To be a holistic trainer is to be a thinking trainer, adapting readily and always learning, studying. Finding mentors with a range of styles. Recognizing that what works for one dog will not for another. And always coming back to the truth of changing behavior: Reward the good. Ignore the bad. Correct the dangerous and defiant.


----------



## tortoise (Feb 5, 2012)

I moderate a non-dog forum. I would have locked it after post #29. Downhill since then. :angel:


----------



## ArreauStandardPoodle (Sep 1, 2009)

"But if I'm teaching a dog not to bolt across the road, I'll use correction. A small negative correction - or even a big one - is more kind than letting the dog get smeared across the road. (No one has every disagreed on that)."

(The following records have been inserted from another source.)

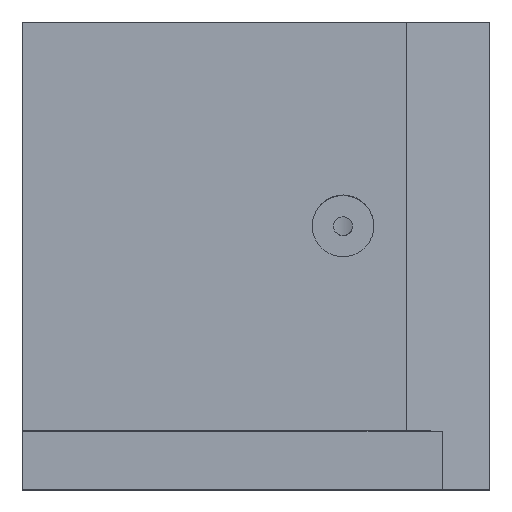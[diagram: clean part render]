
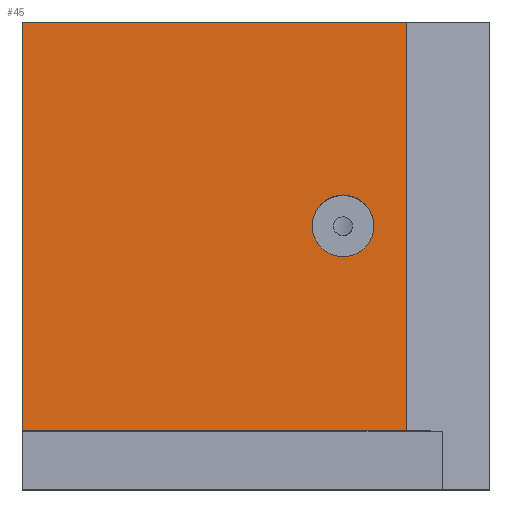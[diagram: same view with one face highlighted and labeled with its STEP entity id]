
A CAD part, top view. The second image highlights one B-rep face of the part: STEP entity #45.
In plain terms, the highlighted planar face has unit normal (0, 0, 1).
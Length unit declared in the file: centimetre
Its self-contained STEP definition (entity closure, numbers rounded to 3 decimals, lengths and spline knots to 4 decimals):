
#5 = ORIENTED_EDGE ( 'NONE', *, *, #1021, .T. ) ;
#27 = DIRECTION ( 'NONE',  ( 1., 0., 0. ) ) ;
#45 = ADVANCED_FACE ( 'NONE', ( #1068, #289 ), #312, .T. ) ;
#46 = VERTEX_POINT ( 'NONE', #913 ) ;
#80 = CARTESIAN_POINT ( 'NONE',  ( 822.0143, 1000., 1000. ) ) ;
#81 = EDGE_CURVE ( 'NONE', #1865, #615, #333, .T. ) ;
#91 = LINE ( 'NONE', #80, #174 ) ;
#110 = EDGE_CURVE ( 'NONE', #1798, #967, #1596, .T. ) ;
#139 = DIRECTION ( 'NONE',  ( 0., -1., 0. ) ) ;
#174 = VECTOR ( 'NONE', #1760, 100. ) ;
#180 = DIRECTION ( 'NONE',  ( 0., 0., 1. ) ) ;
#247 = ORIENTED_EDGE ( 'NONE', *, *, #81, .T. ) ;
#286 = LINE ( 'NONE', #1503, #490 ) ;
#289 = FACE_BOUND ( 'NONE', #1506, .T. ) ;
#312 = PLANE ( 'NONE',  #1908 ) ;
#333 = LINE ( 'NONE', #1832, #1053 ) ;
#441 = CARTESIAN_POINT ( 'NONE',  ( 0., 124.638, 1000. ) ) ;
#483 = CARTESIAN_POINT ( 'NONE',  ( 686.3775, 563.6755, 1000. ) ) ;
#490 = VECTOR ( 'NONE', #139, 100. ) ;
#600 = CARTESIAN_POINT ( 'NONE',  ( 0., 0., 1000. ) ) ;
#615 = VERTEX_POINT ( 'NONE', #1496 ) ;
#647 = ORIENTED_EDGE ( 'NONE', *, *, #1403, .T. ) ;
#702 = EDGE_CURVE ( 'NONE', #615, #46, #91, .T. ) ;
#721 = ORIENTED_EDGE ( 'NONE', *, *, #702, .T. ) ;
#729 = EDGE_LOOP ( 'NONE', ( #247, #721, #647, #5 ) ) ;
#757 = DIRECTION ( 'NONE',  ( 1., 0., 0. ) ) ;
#834 = CARTESIAN_POINT ( 'NONE',  ( 0., 1000., 1000. ) ) ;
#891 = CARTESIAN_POINT ( 'NONE',  ( 752.4187, 563.6755, 1000. ) ) ;
#913 = CARTESIAN_POINT ( 'NONE',  ( 822.0143, 1000., 1000. ) ) ;
#943 = CARTESIAN_POINT ( 'NONE',  ( 686.3775, 563.6755, 1000. ) ) ;
#967 = VERTEX_POINT ( 'NONE', #891 ) ;
#1021 = EDGE_CURVE ( 'NONE', #1202, #1865, #286, .T. ) ;
#1053 = VECTOR ( 'NONE', #1388, 100. ) ;
#1068 = FACE_OUTER_BOUND ( 'NONE', #729, .T. ) ;
#1102 = DIRECTION ( 'NONE',  ( 1., 0., 0. ) ) ;
#1127 = VECTOR ( 'NONE', #1453, 100. ) ;
#1152 = LINE ( 'NONE', #834, #1127 ) ;
#1159 = CIRCLE ( 'NONE', #1220, 66.0412 ) ;
#1202 = VERTEX_POINT ( 'NONE', #1723 ) ;
#1220 = AXIS2_PLACEMENT_3D ( 'NONE', #943, #180, #1102 ) ;
#1324 = CARTESIAN_POINT ( 'NONE',  ( 620.3363, 563.6755, 1000. ) ) ;
#1356 = ORIENTED_EDGE ( 'NONE', *, *, #1929, .F. ) ;
#1388 = DIRECTION ( 'NONE',  ( 1., 0., 0. ) ) ;
#1398 = DIRECTION ( 'NONE',  ( 0., 0., 1. ) ) ;
#1403 = EDGE_CURVE ( 'NONE', #46, #1202, #1152, .T. ) ;
#1453 = DIRECTION ( 'NONE',  ( -1., 0., 0. ) ) ;
#1496 = CARTESIAN_POINT ( 'NONE',  ( 822.0143, 124.638, 1000. ) ) ;
#1503 = CARTESIAN_POINT ( 'NONE',  ( 0., 1000., 1000. ) ) ;
#1506 = EDGE_LOOP ( 'NONE', ( #1356, #1741 ) ) ;
#1531 = DIRECTION ( 'NONE',  ( 0., 0., 1. ) ) ;
#1596 = CIRCLE ( 'NONE', #1753, 66.0412 ) ;
#1723 = CARTESIAN_POINT ( 'NONE',  ( 0., 1000., 1000. ) ) ;
#1741 = ORIENTED_EDGE ( 'NONE', *, *, #110, .F. ) ;
#1753 = AXIS2_PLACEMENT_3D ( 'NONE', #483, #1398, #27 ) ;
#1760 = DIRECTION ( 'NONE',  ( 0., 1., 0. ) ) ;
#1798 = VERTEX_POINT ( 'NONE', #1324 ) ;
#1832 = CARTESIAN_POINT ( 'NONE',  ( 0., 124.638, 1000. ) ) ;
#1865 = VERTEX_POINT ( 'NONE', #441 ) ;
#1908 = AXIS2_PLACEMENT_3D ( 'NONE', #600, #1531, #757 ) ;
#1929 = EDGE_CURVE ( 'NONE', #967, #1798, #1159, .T. ) ;

Unless it was a runt that needed help when it was born and should have not had any human intervention to save it in the first place?

To the OP...how is your little one today? Is she still hanging in there? Has she gained any weight?


----------



## tortoise (Feb 5, 2012)

ArreauStandardPoodle said:


> "But if I'm teaching a dog not to bolt across the road, I'll use correction. A small negative correction - or even a big one - is more kind than letting the dog get smeared across the road. (No one has every disagreed on that)."
> 
> Unless it was a runt that needed help when it was born and should have not had any human intervention to save it in the first place?



???

Please explain, I can't follow your logic.


----------



## Carley's Mom (Oct 30, 2011)

tort, you may have alot of knowledge, but when you say that you don't "love" your dogs, I stop listening. Can't you have a "loved" working dog? My husband has English Setters, they work , but they are very much loved.


----------



## tortoise (Feb 5, 2012)

Carley's Mom said:


> tort, you may have alot of knowledge, but when you say that you don't "love" your dogs, I stop listening. Can't you have a "loved" working dog? My husband has English Setters, they work , but they are very much loved.


Umm, it's not a choice. Just a pesky attachment disorder. Don't be offended my health - or lack of. Doesn't mean there isn't respect and appreciation.


----------



## ArreauStandardPoodle (Sep 1, 2009)

tortoise said:


> ???
> 
> Please explain, I can't follow your logic.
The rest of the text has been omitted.